Seven of the complainants arrived at Christmas Island between June and July 2009. Five other complainants initially sought to enter Australia on board the Oceanic Viking and were eventually brought to Australia from Indonesia in December 2009. One child was born in immigration detention after arriving in Australia.

All of the complainants were found to be refugees, either by Australia or by UNHCR. All of the adult complainants eventually received an adverse security assessment from ASIO recommending that a protection visa not be granted.

Ms Branson found that the Department of Immigration and Citizenship failed to ask ASIO to assess whether six of the refugees were suitable for community based detention while they were waiting for their security clearance. Information provided by ASIO suggested that community detention assessments could be conducted within 24 hours. Instead, these six refugees were held in closed detention for between 5 months and 21 months while a security assessment in relation to the grant of a visa was carried out.

Ms Branson also found that after the complainants received their adverse security assessment from ASIO, the department failed to assess whether the circumstances of each individual complainant indicated that they could be placed in less restrictive forms of detention. Instead, the Minister determined not to allow anyone with an adverse security assessment in relation to a visa application to be placed in community detention.

However, it appears that this determination was based on an incorrect view that advice from ASIO about whether a visa should be granted also amounted to advice from ASIO about whether community detention was appropriate.

The failure of the department to take these steps raised the real possibility that each of the complainants was either detained unnecessarily or detained in a more restrictive way than their circumstances required. The detention of the complainants in these circumstances was arbitrary and in breach of article 9(1) of the ICCPR.

In the case of the Rahavan family of two parents and three children, Ms Branson found that the failure to consider fully alternatives to closed detention amounted to a breach of articles 3 and 37(b) of the Convention on the Rights of the Child.

Ms Branson recommended that the Minister indicate to his department that he will not refuse to consider a person in immigration detention for release from detention or placement in a less restrictive form of detention merely because the department has received advice from ASIO that the person not be granted a visa on security grounds.

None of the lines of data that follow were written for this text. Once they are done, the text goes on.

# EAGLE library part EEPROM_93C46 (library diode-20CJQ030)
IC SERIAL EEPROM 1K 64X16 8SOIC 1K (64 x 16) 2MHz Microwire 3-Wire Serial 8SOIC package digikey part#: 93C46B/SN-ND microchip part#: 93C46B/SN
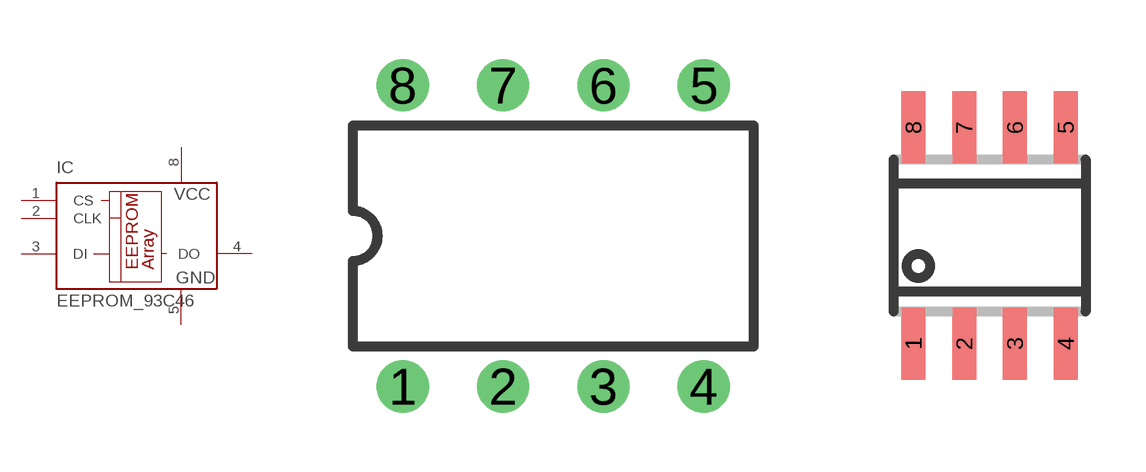
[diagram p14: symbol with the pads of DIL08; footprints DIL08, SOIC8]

Designator prefix IC

## EEPROM_93C46D  [DIL08]
1  CS  in
2  CLK  in
3  DI  in
4  DO  hiz
5  GND  pwr
8  VCC  pwr

## EEPROM_93C46S  [SOIC8]
Pads as for DIL08

## Footprint DIL08 (pad centres in mm)
Dual In Line
drill 0.813 round: 1 -3.81,-3.81; 2 -1.27,-3.81; 3 1.27,-3.81; 4 3.81,-3.81; 5 3.81,3.81; 6 1.27,3.81; 7 -1.27,3.81; 8 -3.81,3.81

## Footprint SOIC8 (pad centres in mm)
Small Outline IC
smd 0.6 x 1.8: 1 -1.905,-2.7; 2 -0.635,-2.7; 3 0.635,-2.7; 4 1.905,-2.7; 5 1.905,2.7; 6 0.635,2.7; 7 -0.635,2.7; 8 -1.905,2.7
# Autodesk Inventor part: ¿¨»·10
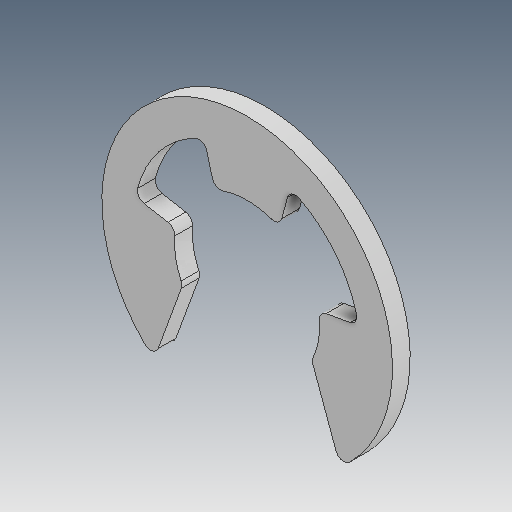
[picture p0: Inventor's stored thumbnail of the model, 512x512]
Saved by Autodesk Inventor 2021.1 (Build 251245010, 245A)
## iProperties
Created: 2013-04
Part Number: ¿¨»·10
Material: Ogólny
Document SubType Name: Modeling
Designer: user
Density: 1 g/cm^3
Appearance: Domyślna
Author: user
Revision Number: ÈÎºÎ
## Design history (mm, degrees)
feature "Í¹Ì¨-À­Éì1"
node "Bryła1"

Ms Branson also made a series of recommendation to the department. First, that the department refer each of the complainants to ASIO for advice about whether less restrictive detention could be imposed, if necessary subject to special conditions to ameliorate any identified risk to security.
Secondly, that similar advice be sought in relation to other people in immigration detention with adverse security assessments.

Thirdly, that the department refer cases back to the Minister for consideration of alternatives such as community detention along with details of how any potential risk identified by ASIO could be mitigated.

Fourthly, that Australia continue actively to pursue alternatives to detention, including the prospect of third country resettlement, for all people in immigration detention who are facing the prospect of indefinite detention.

The last recommendation was noted by the department. The other recommendations were not accepted by the Minister or the department.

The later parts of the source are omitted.